Many call them dumplings but Tara informed me right away that they are correctly called wontons. The restaurant is so small that, despite the four tables available for eat-in orders, it's as if you're eating in their kitchen. Separated by just a small half-wall, the kitchen is manned by one man. We placed our order, perched at our well-worn laminate table, and I tracked the chefs every move.

 

The wontons came out five minutes later, a dozen of them on a sturdy paper plate. Swimming in a pool of fiery oil dotted with pickled onions and topped with dark brown roasted bits and fresh green onions. I knew it would be wise to wait. "They're too hot," I said to Tara. Neither of us patient enough to wait.

 

Slowly I broke apart my cheap-wooden chopsticks and pinched up my first wonton. Oil dripped down on the table and I gently bit in, taking half a bite and quickly moving the other half back to the plate. The filling tasted basic, ground pork, onions, perhaps some salt and pepper. Where the magic lie was in the different layers of sauce. This was where the wontons stepped out ahead of the others. "What's the dark brown on top," I asked Tara. She shrugged her shoulders.
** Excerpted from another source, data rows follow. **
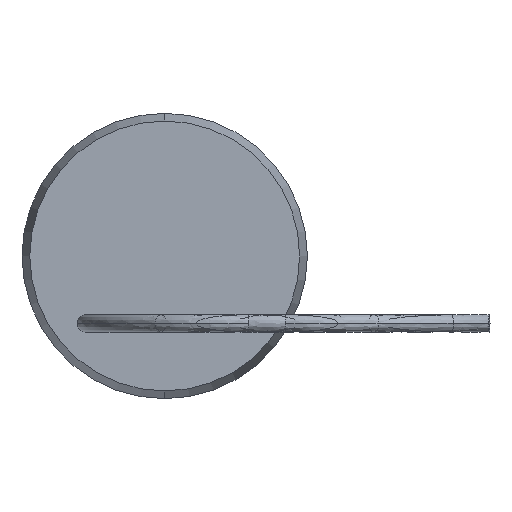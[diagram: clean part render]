
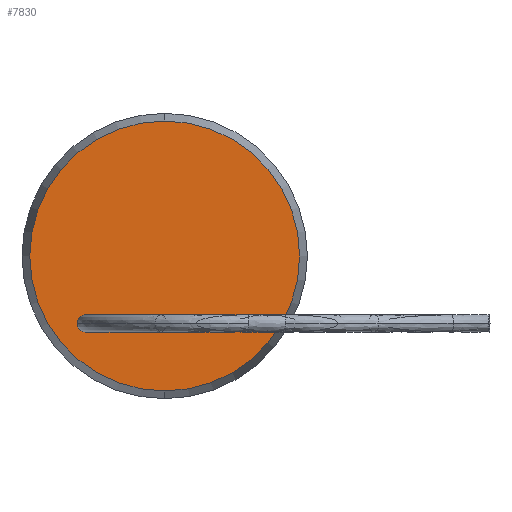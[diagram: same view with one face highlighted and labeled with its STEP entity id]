
A CAD part, left-side view. The second image highlights one B-rep face of the part: STEP entity #7830.
In plain terms, the highlighted planar face has unit normal (-1, 0, 0).
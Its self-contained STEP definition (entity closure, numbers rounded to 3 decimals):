
#6 = VERTEX_POINT ( 'NONE', #110 ) ;
#50 = VERTEX_POINT ( 'NONE', #330 ) ;
#53 = VERTEX_POINT ( 'NONE', #345 ) ;
#73 = VERTEX_POINT ( 'NONE', #439 ) ;
#110 = CARTESIAN_POINT ( 'NONE',  ( 0., 2.54, -4.05 ) ) ;
#258 = CIRCLE ( 'NONE', #259, 0.6 ) ;
#259 = AXIS2_PLACEMENT_3D ( 'NONE', #260, #261, #262 ) ;
#260 = CARTESIAN_POINT ( 'NONE',  ( 0., 0., -4.65 ) ) ;
#261 = DIRECTION ( 'NONE',  ( -1., 0., 0. ) ) ;
#262 = DIRECTION ( 'NONE',  ( 0., 0., 1. ) ) ;
#330 = CARTESIAN_POINT ( 'NONE',  ( 0., -2.54, -4.05 ) ) ;
#345 = CARTESIAN_POINT ( 'NONE',  ( 0., -2.54, -5.25 ) ) ;
#439 = CARTESIAN_POINT ( 'NONE',  ( 0., 0., -5.25 ) ) ;
#1030 = CIRCLE ( 'NONE', #1031, 0.6 ) ;
#1031 = AXIS2_PLACEMENT_3D ( 'NONE', #1032, #1033, #1034 ) ;
#1032 = CARTESIAN_POINT ( 'NONE',  ( 0., 2.54, -4.65 ) ) ;
#1033 = DIRECTION ( 'NONE',  ( -1., 0., 0. ) ) ;
#1034 = DIRECTION ( 'NONE',  ( 0., 0., 1. ) ) ;
#1216 = CIRCLE ( 'NONE', #1217, 0.6 ) ;
#1217 = AXIS2_PLACEMENT_3D ( 'NONE', #1220, #1221, #1222 ) ;
#1220 = CARTESIAN_POINT ( 'NONE',  ( 0., 2.54, -4.65 ) ) ;
#1221 = DIRECTION ( 'NONE',  ( -1., 0., 0. ) ) ;
#1222 = DIRECTION ( 'NONE',  ( 0., 0., 1. ) ) ;
#1260 = CARTESIAN_POINT ( 'NONE',  ( 0., 2.54, -5.25 ) ) ;
#1647 = CIRCLE ( 'NONE', #1648, 0.6 ) ;
#1648 = AXIS2_PLACEMENT_3D ( 'NONE', #1649, #1650, #1651 ) ;
#1649 = CARTESIAN_POINT ( 'NONE',  ( 0., 0., -4.65 ) ) ;
#1650 = DIRECTION ( 'NONE',  ( -1., 0., 0. ) ) ;
#1651 = DIRECTION ( 'NONE',  ( 0., 0., 1. ) ) ;
#2538 = CARTESIAN_POINT ( 'NONE',  ( 0., 0., -9.314 ) ) ;
#2557 = CIRCLE ( 'NONE', #2558, 9.314 ) ;
#2558 = AXIS2_PLACEMENT_3D ( 'NONE', #2559, #2560, #2561 ) ;
#2559 = CARTESIAN_POINT ( 'NONE',  ( 0., 0., 0. ) ) ;
#2560 = DIRECTION ( 'NONE',  ( 1., 0., 0. ) ) ;
#2561 = DIRECTION ( 'NONE',  ( 0., 0., -1. ) ) ;
#2646 = CIRCLE ( 'NONE', #2647, 0.6 ) ;
#2647 = AXIS2_PLACEMENT_3D ( 'NONE', #2648, #2649, #2650 ) ;
#2648 = CARTESIAN_POINT ( 'NONE',  ( 0., -2.54, -4.65 ) ) ;
#2649 = DIRECTION ( 'NONE',  ( 1., 0., 0. ) ) ;
#2650 = DIRECTION ( 'NONE',  ( 0., 0., 1. ) ) ;
#3001 = CIRCLE ( 'NONE', #3002, 0.6 ) ;
#3002 = AXIS2_PLACEMENT_3D ( 'NONE', #3003, #3004, #3005 ) ;
#3003 = CARTESIAN_POINT ( 'NONE',  ( 0., -2.54, -4.65 ) ) ;
#3004 = DIRECTION ( 'NONE',  ( 1., 0., 0. ) ) ;
#3005 = DIRECTION ( 'NONE',  ( 0., 0., 1. ) ) ;
#3211 = ORIENTED_EDGE ( 'NONE', *, *, #3512, .T. ) ;
#3502 = CIRCLE ( 'NONE', #3503, 9.314 ) ;
#3503 = AXIS2_PLACEMENT_3D ( 'NONE', #3504, #3505, #3506 ) ;
#3504 = CARTESIAN_POINT ( 'NONE',  ( 0., 0., 0. ) ) ;
#3505 = DIRECTION ( 'NONE',  ( 1., 0., 0. ) ) ;
#3506 = DIRECTION ( 'NONE',  ( 0., 0., -1. ) ) ;
#3512 = EDGE_CURVE ( 'NONE', #50, #53, #3001, .T. ) ;
#3973 = ORIENTED_EDGE ( 'NONE', *, *, #7391, .T. ) ;
#4213 = EDGE_LOOP ( 'NONE', ( #4485, #6741 ) ) ;
#4485 = ORIENTED_EDGE ( 'NONE', *, *, #6776, .F. ) ;
#4874 = FACE_BOUND ( 'NONE', #7895, .T. ) ;
#4875 = FACE_BOUND ( 'NONE', #7368, .T. ) ;
#4876 = FACE_BOUND ( 'NONE', #7524, .T. ) ;
#4877 = FACE_OUTER_BOUND ( 'NONE', #4213, .T. ) ;
#4878 = PLANE ( 'NONE',  #4879 ) ;
#4879 = AXIS2_PLACEMENT_3D ( 'NONE', #4880, #4881, #4882 ) ;
#4880 = CARTESIAN_POINT ( 'NONE',  ( 0., 9.687, 9.687 ) ) ;
#4881 = DIRECTION ( 'NONE',  ( 1., 0., 0. ) ) ;
#4882 = DIRECTION ( 'NONE',  ( 0., -1., 0. ) ) ;
#5305 = CARTESIAN_POINT ( 'NONE',  ( 0., 0., 9.314 ) ) ;
#5899 = CARTESIAN_POINT ( 'NONE',  ( 0., 0., -4.05 ) ) ;
#6549 = VERTEX_POINT ( 'NONE', #5305 ) ;
#6741 = ORIENTED_EDGE ( 'NONE', *, *, #7515, .F. ) ;
#6772 = VERTEX_POINT ( 'NONE', #2538 ) ;
#6776 = EDGE_CURVE ( 'NONE', #6772, #6549, #2557, .T. ) ;
#6866 = EDGE_CURVE ( 'NONE', #8064, #73, #258, .T. ) ;
#7082 = EDGE_CURVE ( 'NONE', #6, #7123, #1030, .T. ) ;
#7112 = EDGE_CURVE ( 'NONE', #7123, #6, #1216, .T. ) ;
#7123 = VERTEX_POINT ( 'NONE', #1260 ) ;
#7218 = EDGE_CURVE ( 'NONE', #73, #8064, #1647, .T. ) ;
#7368 = EDGE_LOOP ( 'NONE', ( #7439, #7495 ) ) ;
#7391 = EDGE_CURVE ( 'NONE', #53, #50, #2646, .T. ) ;
#7439 = ORIENTED_EDGE ( 'NONE', *, *, #6866, .F. ) ;
#7495 = ORIENTED_EDGE ( 'NONE', *, *, #7218, .F. ) ;
#7515 = EDGE_CURVE ( 'NONE', #6549, #6772, #3502, .T. ) ;
#7524 = EDGE_LOOP ( 'NONE', ( #3211, #3973 ) ) ;
#7830 = ADVANCED_FACE ( 'NONE', ( #4874, #4875, #4876, #4877 ), #4878, .F. ) ;
#7895 = EDGE_LOOP ( 'NONE', ( #7977, #8061 ) ) ;
#7977 = ORIENTED_EDGE ( 'NONE', *, *, #7082, .F. ) ;
#8061 = ORIENTED_EDGE ( 'NONE', *, *, #7112, .F. ) ;
#8064 = VERTEX_POINT ( 'NONE', #5899 ) ;

We took guesses: roasted chilis, dried then roasted chilis, the remnants from the bottom of a pan of meat mixed with chilis. The taste was smoky and sweet, not too spicy, with an incredible flavor that bounced off the boiled wonton wrapper and mellow meat turning each bite into a wonderful blend of umami

 

The next ten-minutes passed in a blur. We chatted about life as we slid the paper plate back and forth. I ate one. Tara ate one. I ate one. Tara ate one. Until they were all gone and I was sad. I gave my mouth one last wipe with my tiny napkin and pushed away from the table. "So good," I said rubbing my belly, "Where to now?"